On today's Make a Difference Monday, I'd like to share with you something our congregation does to fulfill the command to encourage one another (1 Thessalonians 5:11,14; Hebrews 3:13, 10:25). We have a long list of people who could use encouragement on a long term basis. About half are prisoners in our prison ministry, and the other half are the chronically sick, missionaries, college students, soldiers, and anyone else who needs to be built up on a regular basis. Our congregation is divided into four "teams." Each week, one team leader writes a letter of encouragement and makes enough copies for each person on our encouragement list. Then the members of the team sign the letters, hopefully leaving a short personal note as well.
At first, I thought this was a little odd. Why would someone want to get a photocopied letter with signatures on it several times a month? I imagined many people putting them in the circular file. What I found out is that many of them are very grateful to receive these letters and even look forward to them. I think there are several reasons for this. Everyone likes to get personal mail in the box instead of the seemingly endless supply of junk mail and bills. The signatures prove that a group of people cared enough to commit to signing the letter. I think the biggest encouragement, though, is in the letter itself. Rather than a dollar store card with a cheesy saying, people are getting a half page letter with a Biblical message of encouragement.
For the past three years, I've been a team member, signing cards each week. This year my husband and I decided to be team leaders. I figured if I can't come up with 12 half page letters of encouragement, I should hang up my blogging hat for good! I'm even able to edit some of our past blog posts.
Today I'd like to encourage you to try something similar. Make a short list of people you know who could use some building up and send them a letter this month. See if you can make a habit out of it. Even if you don't have 20 people sign the letter, it will mean a lot to the person you send it to. I'm sharing the first two letters that I have done for this year, both edits of past blog posts. Feel free to use them as your own letter of encouragement, but please list our website somewhere on it if you do.
Letter #1
Imagine strolling into a pawn shop. The bell rings as the door opens. On the shelves lurk abandoned jewelry, guns, and electronics. Then to your surprise, peering about you notice lots of big yellow stickers with one word, Redeemed. Someone wanted this one back, someone paid back all the money that it was sold for and then some. Someone thought it was valuable, desirable and precious. It's no longer for sale. It may be sitting here, but it's not destined for the pawn shop. It's redeemed.
Paul illustrates the pawn shop in Ephesians.
In Him we have redemption through His blood, the forgiveness of sins, according to the riches of His grace (Ephesians 1:7)
The only things that can be redeemed are things that have been pawned. We sold ourselves to Satan when we sinned. So we came to the pawn shop. Not visitors but captives.
One day in strode a man ready to buy us back. No money was exchanged; the price was blood. Then with those big yellow stickers in hand, he looked around for anyone who might like to be redeemed, sealed by the Holy Spirit.
That is the good news of our salvation- the price has already been paid. Every person we pass on the street, rejected and stuck on a shelf, has already been paid for. They need to accept the free gift. But how?

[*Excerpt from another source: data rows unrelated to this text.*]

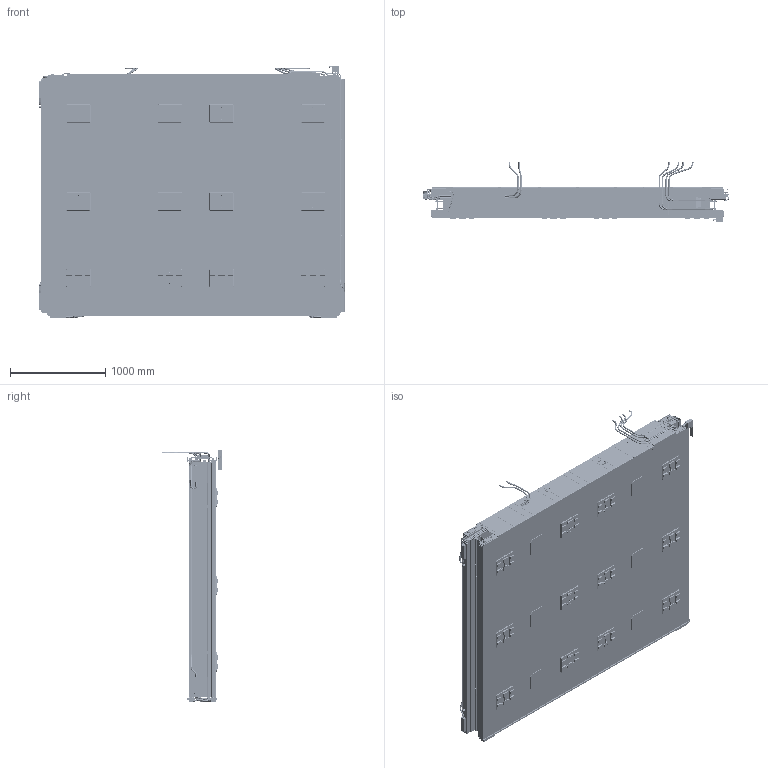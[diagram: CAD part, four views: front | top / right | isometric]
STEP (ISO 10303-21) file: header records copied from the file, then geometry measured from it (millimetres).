
FILE_DESCRIPTION(/* description */ (''),/* implementation_level */ '2;1');
FILE_NAME(/* name */ '030930_mb3_2_3_4_th_phi_R_carters.stp',/* time_stamp */ '2022-04-14T14:22:01+02:00',/* author */ (''),/* organization */ (''),/* preprocessor_version */ 'ST-DEVELOPER v18.1',/* originating_system */ 'SIEMENS PLM Software NX 1992',/* authorisation */ '');
FILE_SCHEMA (('AUTOMOTIVE_DESIGN { 1 0 10303 214 3 1 1 1 }'));
Products named in the file (1): zago349C2021bq05
Bounding box: 3215.52 x 621.44 x 2646.11 mm (x, y, z)
Volume: 1040306434.2 mm3; surface area: 258777312.9 mm2
Topology: 253 solids, 253 shells, 14312 faces, 37610 edges, 23706 vertices
Faces by surface type: plane 8714, cylinder 4442, cone 856, bspline 165, torus 92, sphere 43
Full cylindrical faces by diameter (mm): 1 x251, 1.675 x12, 2.459 x3, 2.594 x54, 3 x78, 3.2 x12, 3.25 x2, 3.3 x36, 3.432 x527, 3.5 x53, 3.778 x7, 4 x39, 4.5 x1, 5 x70, 5.188 x56, 5.5 x282, 6 x30, 6.4 x28, 6.5 x1, 7 x3, 7.5 x72, 8 x56, 8.6 x6, 8.782 x28, 8.8 x10, 8.933 x24, 8.985 x24, 9 x2, 9.391 x16, 9.5 x2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
Entity records: 458305 total; most frequent: CARTESIAN_POINT 120525, ORIENTED_EDGE 66260, DIRECTION 62972, EDGE_CURVE 33130, AXIS2_PLACEMENT_3D 22847, VERTEX_POINT 22386, EDGE_LOOP 19866, LINE 17278

How does one receive the Holy Spirit? Are we talking about a miracle here? No indeed. It's the simplest thing in the world. Peter explains it in Acts 2, "Repent, and each of you be baptized in the name of Jesus Christ for the forgiveness of your sins; and you will receive the gift of the Holy Spirit" (v 38). Baptism brings us two gifts in its wake: forgiveness of sin and the gift of the Holy Spirit. Thus we are sealed, receiving a down-payment on our promised inheritance. We are marked, "God's own."
Letter #2
This word of encouragement comes from a missionary in a developing country.
One summer day one of my students began a story with this intriguing sentence, "I am studying medicine because my dad is such a responsible doctor." I smiled encouragingly at her, waiting for some tale about how he told her stories from work. I guessed wrong. He brought something quite different home.
One day walking down the hall past the wards he overheard a conversation which included the word "strangle." Appalled and angry, he opened the door to find two brand new parents hovering over a cradle. Two little girls waited for them at home, and they had no intention of making it three. He forbade them, then went to find his wife the nurse. Tenderly, together, they took that little girl home to be the first of their two daughters.
A little girl fated for abandonment or murder instead received parents, siblings, and a home. That's the picture of grace.
Her story mirrors ours.
Blessed be the God and Father of our Lord Jesus Christ, who has blessed us with every spiritual blessing in the heavenly places in Christ, just as He chose us in Him before the foundation of the world, that we would be holy and blameless before Him. In love He predestined us to adoption as sons through Jesus Christ to Himself, according to the kind intention of His will, to the praise of the glory of His grace, which He freely bestowed on us in the Beloved. (Ephesians 1:3-6)
He adopted us. We were nothing and less than nothing. We were his enemies when he decided instead to make us his sons (Romans 5:10). No wonder that Paul says that this is "to the praise of the glory of His grace."